Please restate exactly the lines of the data below, beginning with the line containing "Catalogue drawing of a" and ending with the last line.

Data extracted from a collection
• • • •
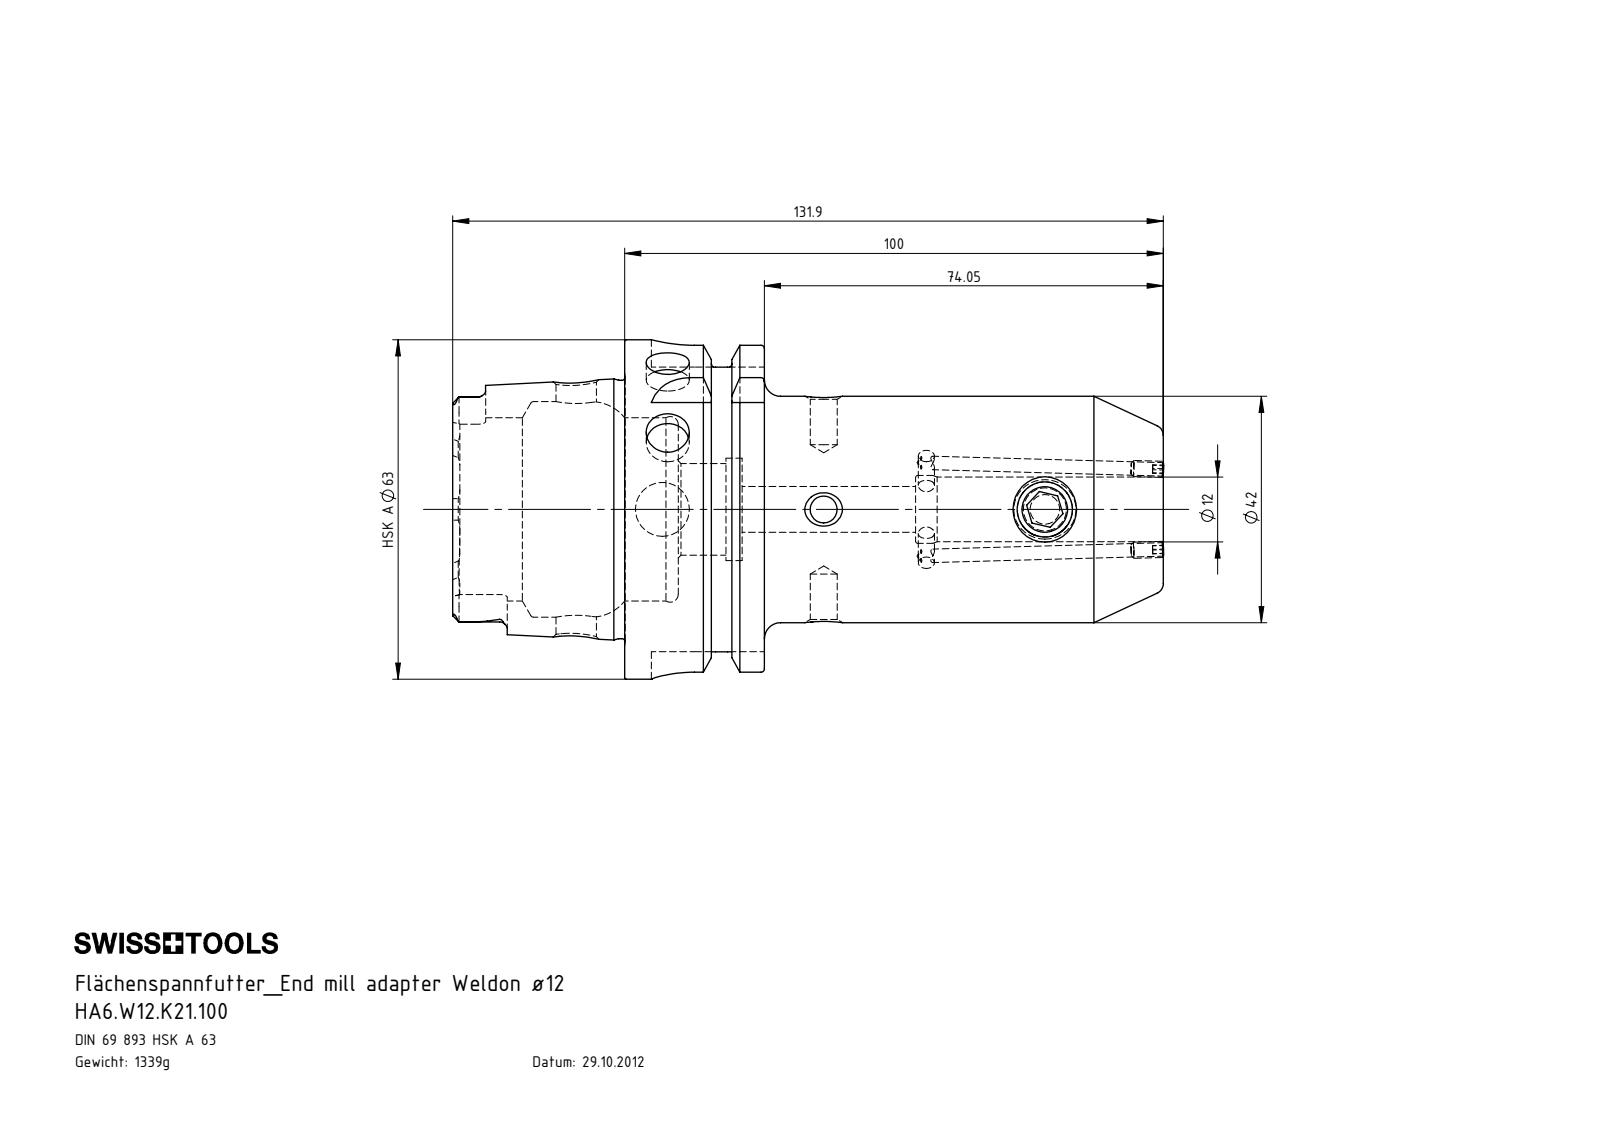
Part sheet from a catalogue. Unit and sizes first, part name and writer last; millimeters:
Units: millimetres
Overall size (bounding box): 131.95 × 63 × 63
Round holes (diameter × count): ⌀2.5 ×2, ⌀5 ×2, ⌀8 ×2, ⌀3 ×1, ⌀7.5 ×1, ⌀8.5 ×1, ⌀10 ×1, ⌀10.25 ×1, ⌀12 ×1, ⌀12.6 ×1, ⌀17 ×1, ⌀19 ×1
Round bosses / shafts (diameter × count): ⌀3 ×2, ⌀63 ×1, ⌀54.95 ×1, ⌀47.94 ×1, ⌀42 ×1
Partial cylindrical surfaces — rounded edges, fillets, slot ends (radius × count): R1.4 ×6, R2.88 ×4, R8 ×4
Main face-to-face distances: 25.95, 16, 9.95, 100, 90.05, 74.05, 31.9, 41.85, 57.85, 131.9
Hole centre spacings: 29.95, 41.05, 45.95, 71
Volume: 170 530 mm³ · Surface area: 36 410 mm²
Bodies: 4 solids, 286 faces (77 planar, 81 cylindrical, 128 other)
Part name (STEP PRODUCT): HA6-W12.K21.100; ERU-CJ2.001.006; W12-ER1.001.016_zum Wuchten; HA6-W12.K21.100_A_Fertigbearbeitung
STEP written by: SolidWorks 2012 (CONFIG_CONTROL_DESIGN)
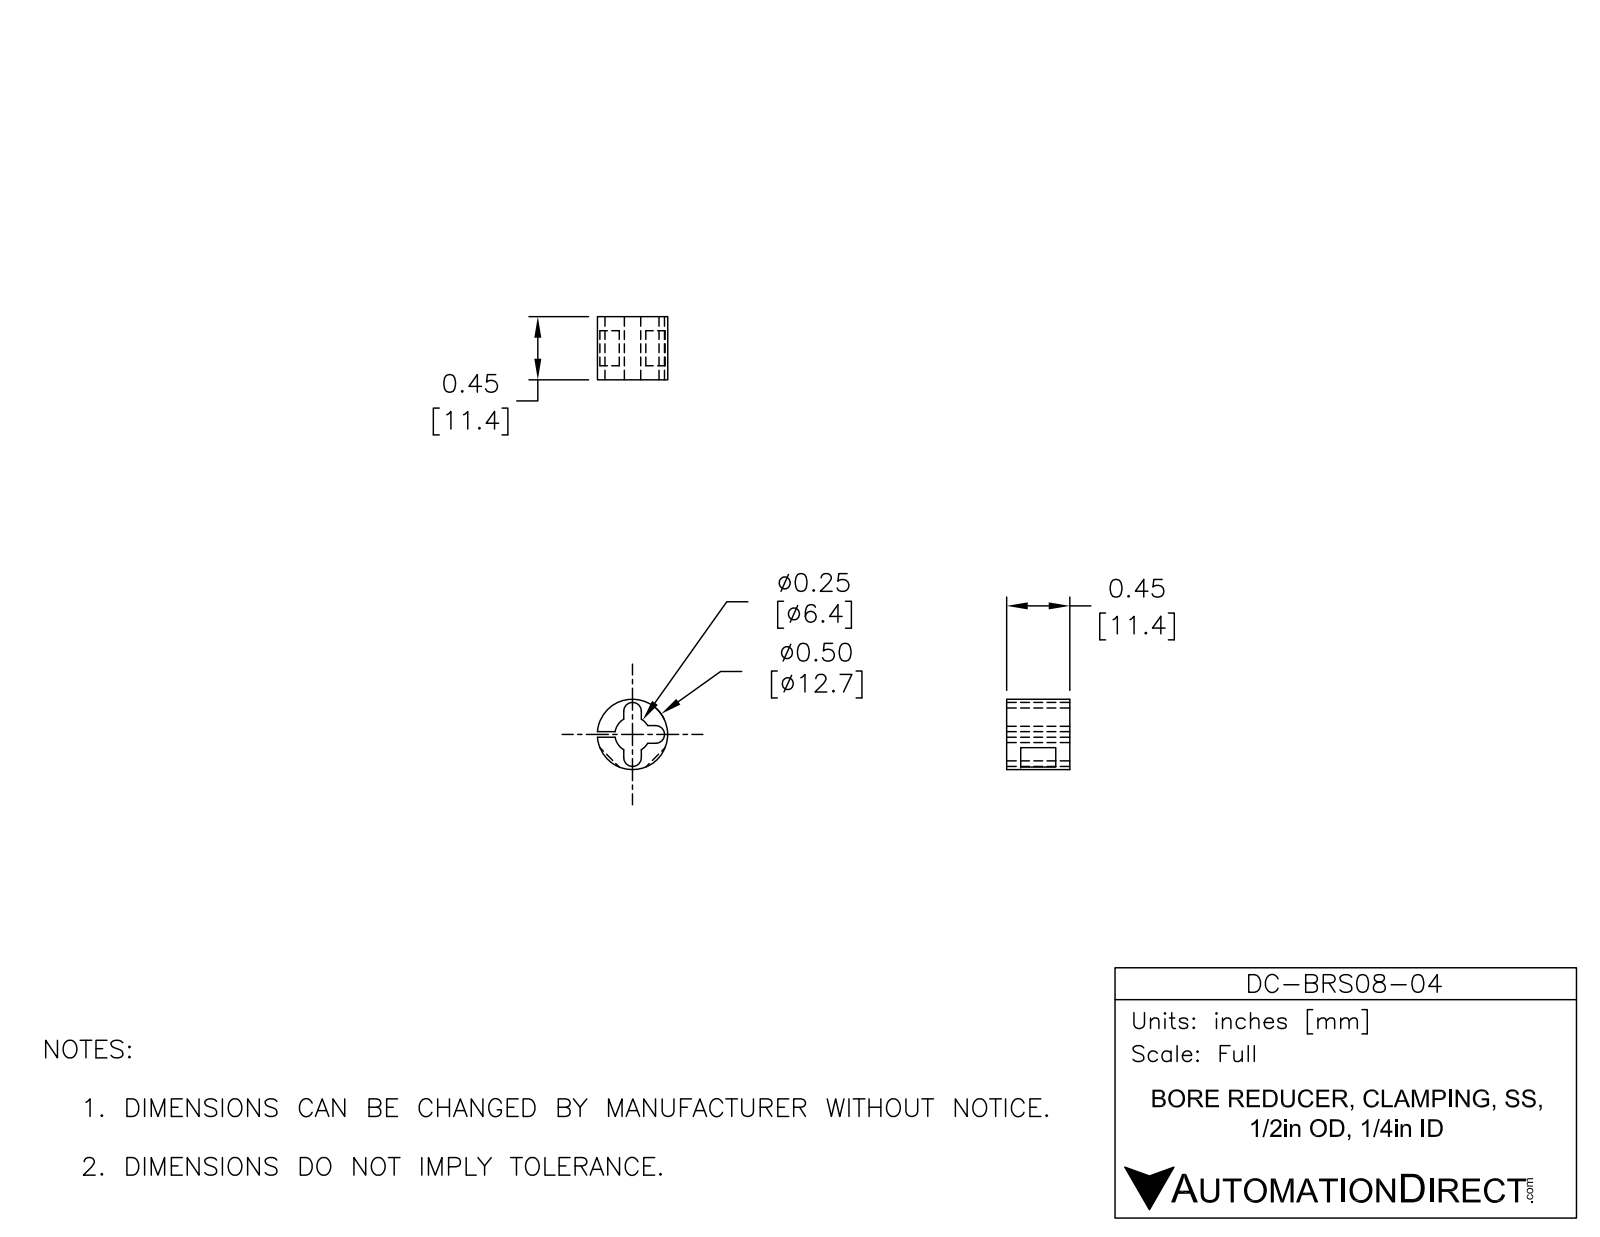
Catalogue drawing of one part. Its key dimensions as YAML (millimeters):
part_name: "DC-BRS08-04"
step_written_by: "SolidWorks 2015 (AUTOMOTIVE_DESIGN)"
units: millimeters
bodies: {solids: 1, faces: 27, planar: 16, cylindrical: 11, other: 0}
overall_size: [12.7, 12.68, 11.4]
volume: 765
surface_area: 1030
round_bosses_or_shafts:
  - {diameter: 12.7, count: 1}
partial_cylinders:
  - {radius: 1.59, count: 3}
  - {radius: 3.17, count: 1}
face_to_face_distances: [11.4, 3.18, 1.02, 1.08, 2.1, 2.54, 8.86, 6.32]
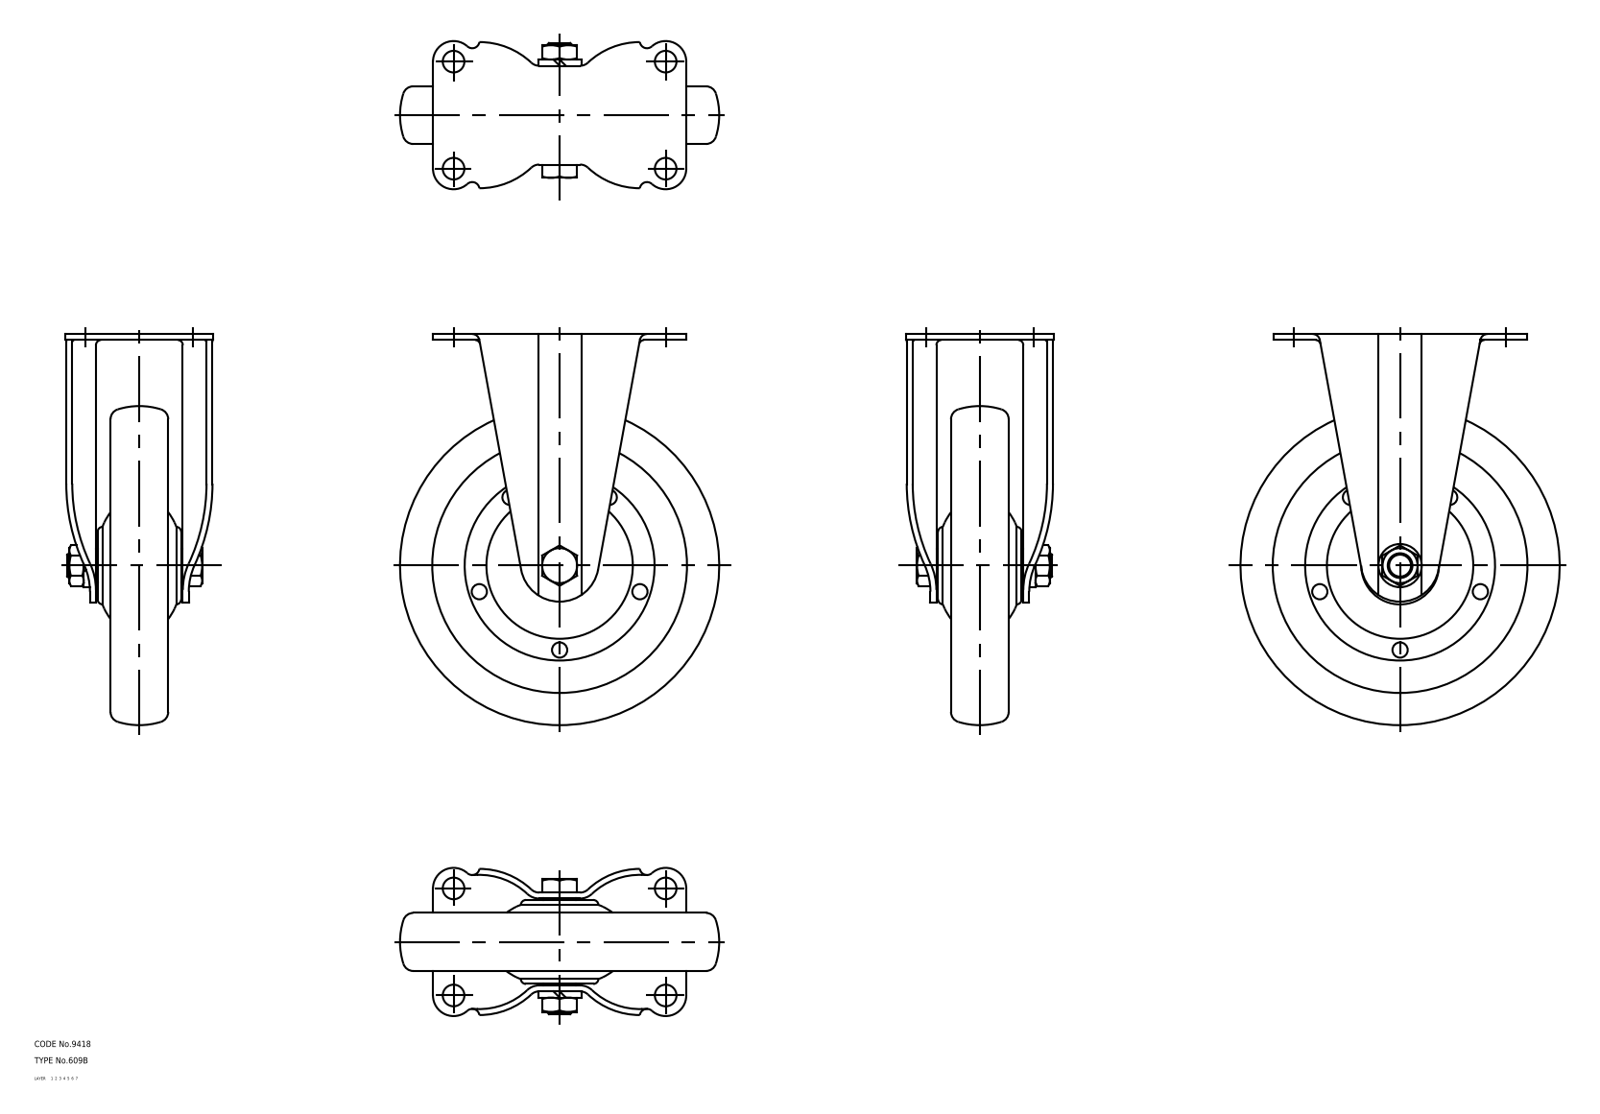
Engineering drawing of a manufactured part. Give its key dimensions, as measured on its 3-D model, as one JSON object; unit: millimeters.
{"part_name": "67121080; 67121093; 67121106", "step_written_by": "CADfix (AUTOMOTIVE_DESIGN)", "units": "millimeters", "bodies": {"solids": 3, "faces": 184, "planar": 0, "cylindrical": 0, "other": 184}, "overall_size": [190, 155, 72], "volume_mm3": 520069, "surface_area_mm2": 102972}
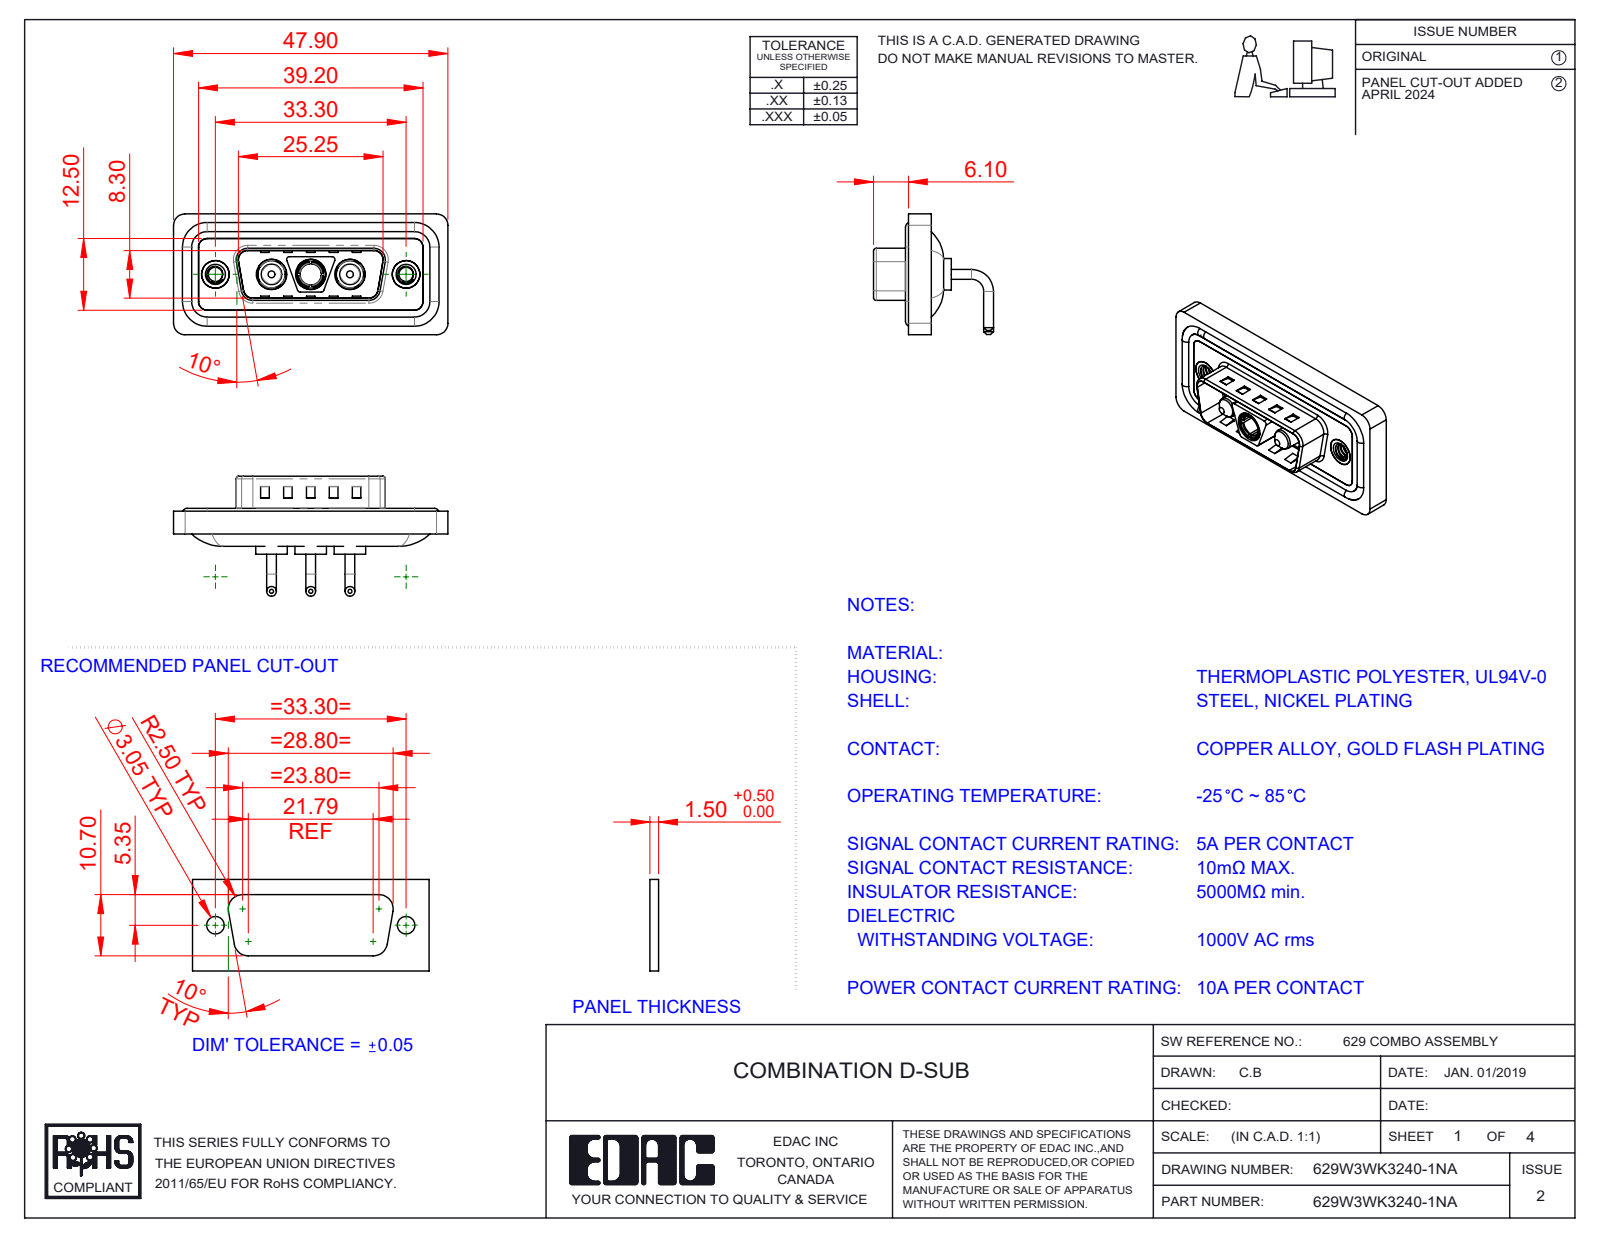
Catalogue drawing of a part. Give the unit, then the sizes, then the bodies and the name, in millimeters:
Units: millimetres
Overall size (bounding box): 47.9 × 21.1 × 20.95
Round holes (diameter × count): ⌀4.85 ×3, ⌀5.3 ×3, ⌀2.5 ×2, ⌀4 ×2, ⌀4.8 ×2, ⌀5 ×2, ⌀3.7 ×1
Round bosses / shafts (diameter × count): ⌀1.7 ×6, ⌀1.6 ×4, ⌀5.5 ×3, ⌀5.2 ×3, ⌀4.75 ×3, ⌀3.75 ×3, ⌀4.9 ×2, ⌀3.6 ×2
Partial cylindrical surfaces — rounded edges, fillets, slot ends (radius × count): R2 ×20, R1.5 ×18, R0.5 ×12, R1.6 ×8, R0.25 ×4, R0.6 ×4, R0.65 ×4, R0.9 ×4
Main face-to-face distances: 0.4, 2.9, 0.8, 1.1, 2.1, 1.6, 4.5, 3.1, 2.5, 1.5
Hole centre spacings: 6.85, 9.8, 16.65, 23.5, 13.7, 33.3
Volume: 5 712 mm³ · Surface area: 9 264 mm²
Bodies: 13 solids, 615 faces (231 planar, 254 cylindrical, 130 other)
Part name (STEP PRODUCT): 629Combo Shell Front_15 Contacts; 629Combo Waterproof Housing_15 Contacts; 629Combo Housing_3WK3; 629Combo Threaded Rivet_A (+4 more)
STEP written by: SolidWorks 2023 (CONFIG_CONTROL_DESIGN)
• • • •
#### [Solution below]
Catalogue drawing of a part. Give the unit, then the sizes, then the bodies and the name, in millimeters:
Units: millimetres
Overall size (bounding box): 47.9 × 21.1 × 20.95
Round holes (diameter × count): ⌀4.85 ×3, ⌀5.3 ×3, ⌀2.5 ×2, ⌀4 ×2, ⌀4.8 ×2, ⌀5 ×2, ⌀3.7 ×1
Round bosses / shafts (diameter × count): ⌀1.7 ×6, ⌀1.6 ×4, ⌀5.5 ×3, ⌀5.2 ×3, ⌀4.75 ×3, ⌀3.75 ×3, ⌀4.9 ×2, ⌀3.6 ×2
Partial cylindrical surfaces — rounded edges, fillets, slot ends (radius × count): R2 ×20, R1.5 ×18, R0.5 ×12, R1.6 ×8, R0.25 ×4, R0.6 ×4, R0.65 ×4, R0.9 ×4
Main face-to-face distances: 0.4, 2.9, 0.8, 1.1, 2.1, 1.6, 4.5, 3.1, 2.5, 1.5
Hole centre spacings: 6.85, 9.8, 16.65, 23.5, 13.7, 33.3
Volume: 5 712 mm³ · Surface area: 9 264 mm²
Bodies: 13 solids, 615 faces (231 planar, 254 cylindrical, 130 other)
Part name (STEP PRODUCT): 629Combo Shell Front_15 Contacts; 629Combo Waterproof Housing_15 Contacts; 629Combo Housing_3WK3; 629Combo Threaded Rivet_A (+4 more)
STEP written by: SolidWorks 2023 (CONFIG_CONTROL_DESIGN)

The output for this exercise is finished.